═══ DATA TO USE ═══
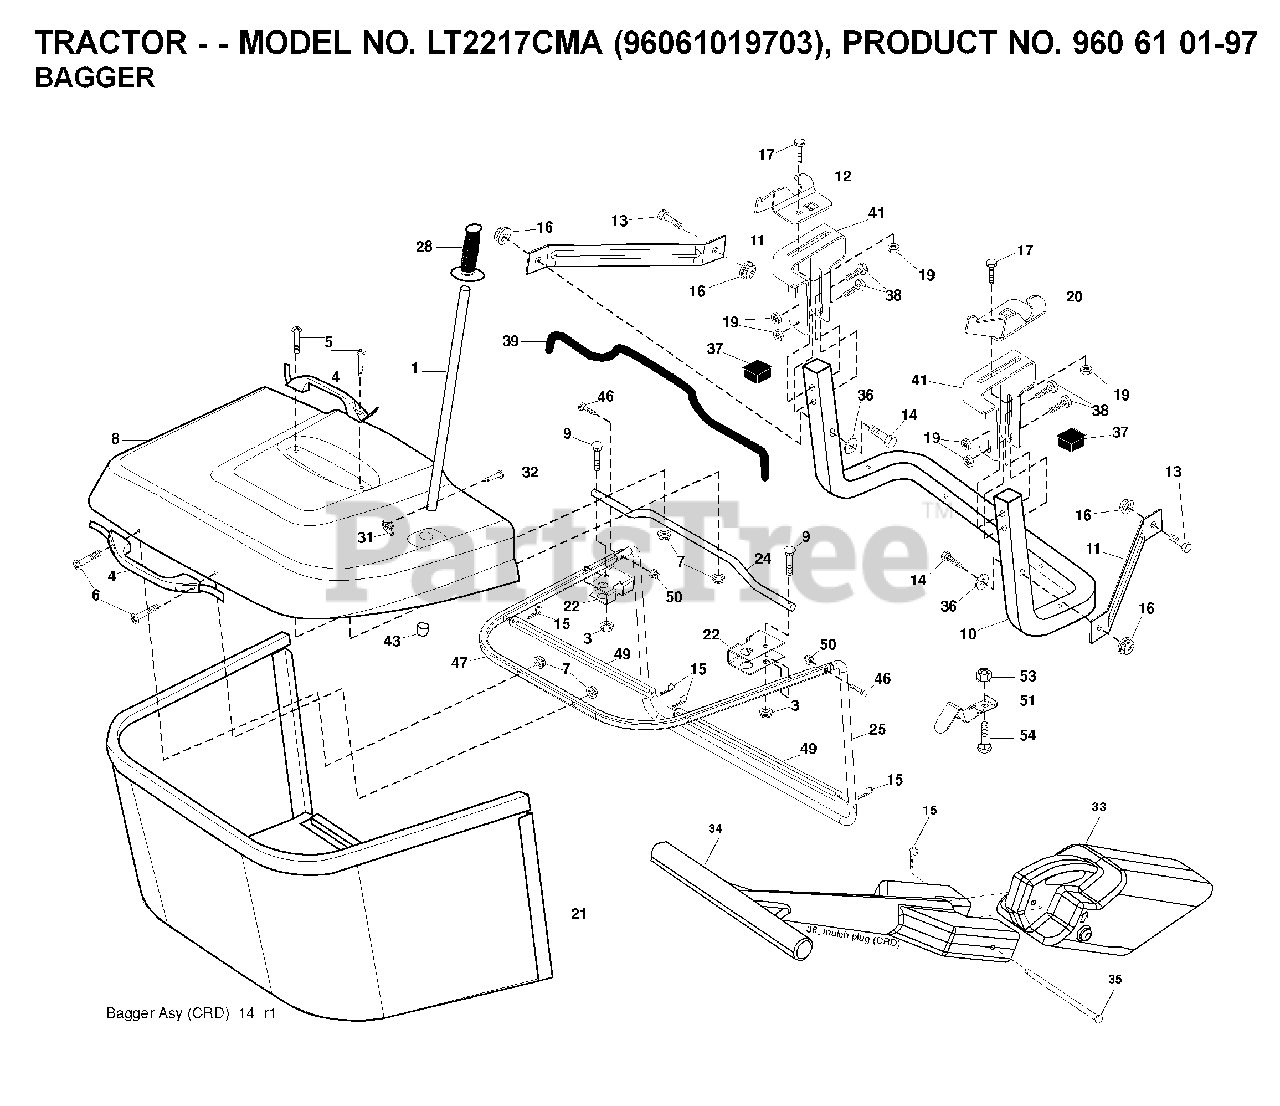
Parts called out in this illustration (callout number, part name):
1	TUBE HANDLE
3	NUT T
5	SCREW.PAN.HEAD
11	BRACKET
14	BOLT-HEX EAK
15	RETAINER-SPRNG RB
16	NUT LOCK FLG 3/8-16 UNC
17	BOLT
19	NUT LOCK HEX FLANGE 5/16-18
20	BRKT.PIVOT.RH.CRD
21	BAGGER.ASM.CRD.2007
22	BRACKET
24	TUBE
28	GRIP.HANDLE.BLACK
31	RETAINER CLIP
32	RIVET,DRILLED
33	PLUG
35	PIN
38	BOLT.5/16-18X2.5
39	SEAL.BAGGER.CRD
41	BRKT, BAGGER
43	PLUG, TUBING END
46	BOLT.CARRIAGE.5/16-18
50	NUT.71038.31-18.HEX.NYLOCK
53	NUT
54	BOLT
═══
_YOUR GOAL:_
Read through the material above, and whenever a line contains "BOLT", copy it.

_OUTPUT FOR THIS TASK:_
14	BOLT-HEX EAK
17	BOLT
38	BOLT.5/16-18X2.5
46	BOLT.CARRIAGE.5/16-18
54	BOLT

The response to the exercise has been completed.